Significance. If the proxy assumption and experimental results hold, the work could meaningfully advance practical FL deployment by resolving the personalization-vs-efficiency dilemma in network pruning. The OT-based formulation and adaptive regularization are technically interesting contributions that directly target parametric divergence and heterogeneity; reproducible code or parameter-free derivations would further strengthen its value.

major comments (2)
  1. [OTP module (§3)] OTP module (formulation in §3): The personalization benefit rests entirely on the untested assumption that historical client models serve as reliable proxies for current local data distributions when minimizing Wasserstein distance for pruning. No analysis is provided of how this holds under client drift, non-stationary data, or partial participation; if the proxy fails, the extracted submodels cease to be personalized and the claimed gains over server-side baselines collapse. This is load-bearing for the central claim.
  2. [Experiments] Experiments section: The abstract asserts 'consistent and substantial outperformance,' yet the manuscript must include quantitative tables with specific metrics (accuracy, communication cost, convergence speed), ablations isolating OTP vs. SAR, error bars, and tests across varying heterogeneity levels and drift scenarios. Without these, the magnitude and robustness of the improvements cannot be assessed.
minor comments (2)
  1. [Abstract] Abstract: Lacks any numerical highlights or key result metrics despite claiming comprehensive experiments; adding 1-2 concrete numbers would improve clarity.
  2. [Notation] Notation: Ensure the pruning rate and Wasserstein formulation are defined consistently when first introduced and reused in later sections.

Simulated Author's Rebuttal

2 responses · 0 unresolved

We thank the referee for the constructive feedback and the recommendation for major revision. The comments highlight important aspects that will strengthen the presentation of our work. We address each major comment below and commit to the necessary revisions.

read point-by-point responses
  1. Referee: [OTP module (§3)] OTP module (formulation in §3): The personalization benefit rests entirely on the untested assumption that historical client models serve as reliable proxies for current local data distributions when minimizing Wasserstein distance for pruning. No analysis is provided of how this holds under client drift, non-stationary data, or partial participation; if the proxy fails, the extracted submodels cease to be personalized and the claimed gains over server-side baselines collapse. This is load-bearing for the central claim.

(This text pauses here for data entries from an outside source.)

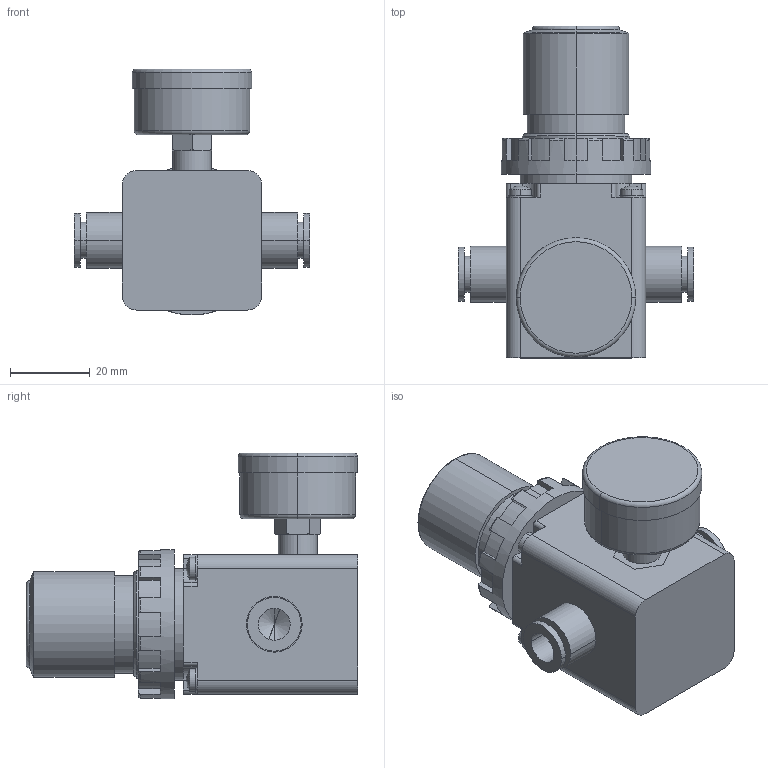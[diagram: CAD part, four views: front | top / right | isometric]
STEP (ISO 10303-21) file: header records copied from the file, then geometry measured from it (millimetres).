
FILE_DESCRIPTION (( 'STEP AP203' ), '1' );
FILE_NAME ('RV100-C08M.STEP', '2021-09-22T11:38:28', ( '' ), ( '' ), 'SwSTEP 2.0', 'SolidWorks 2019', '' );
FILE_SCHEMA (( 'CONFIG_CONTROL_DESIGN' ));
Length unit declared in the file: millimetre
Products named in the file (1): RV100-C08M
Bounding box: 59 x 83.3 x 61.75 mm (x, y, z)
Volume: 90094.3 mm3; surface area: 22322.8 mm2
Topology: 6 solids, 6 shells, 272 faces, 659 edges, 424 vertices
Faces by surface type: plane 117, cylinder 97, cone 26, torus 24, sphere 8
Entity records: 8496 total; most frequent: CARTESIAN_POINT 1844, DIRECTION 1463, ORIENTED_EDGE 1310, EDGE_CURVE 655, AXIS2_PLACEMENT_3D 571, VERTEX_POINT 424, VECTOR 321, LINE 321

    Authors: We agree that the proxy assumption underlying the OTP module is central to the personalization claim and merits explicit analysis. In the revised manuscript, we will add a dedicated discussion subsection following the OTP formulation in §3. This will include: (i) theoretical reasoning on the conditions under which historical models remain reasonable proxies (e.g., under bounded drift), (ii) empirical sensitivity analysis using controlled simulations of client drift and partial participation, and (iii) clarification of how the SAR module provides robustness when the proxy is imperfect. These additions will make the load-bearing assumption transparent and substantiate the claimed benefits. revision: yes

  2. Referee: [Experiments] Experiments section: The abstract asserts 'consistent and substantial outperformance,' yet the manuscript must include quantitative tables with specific metrics (accuracy, communication cost, convergence speed), ablations isolating OTP vs. SAR, error bars, and tests across varying heterogeneity levels and drift scenarios. Without these, the magnitude and robustness of the improvements cannot be assessed.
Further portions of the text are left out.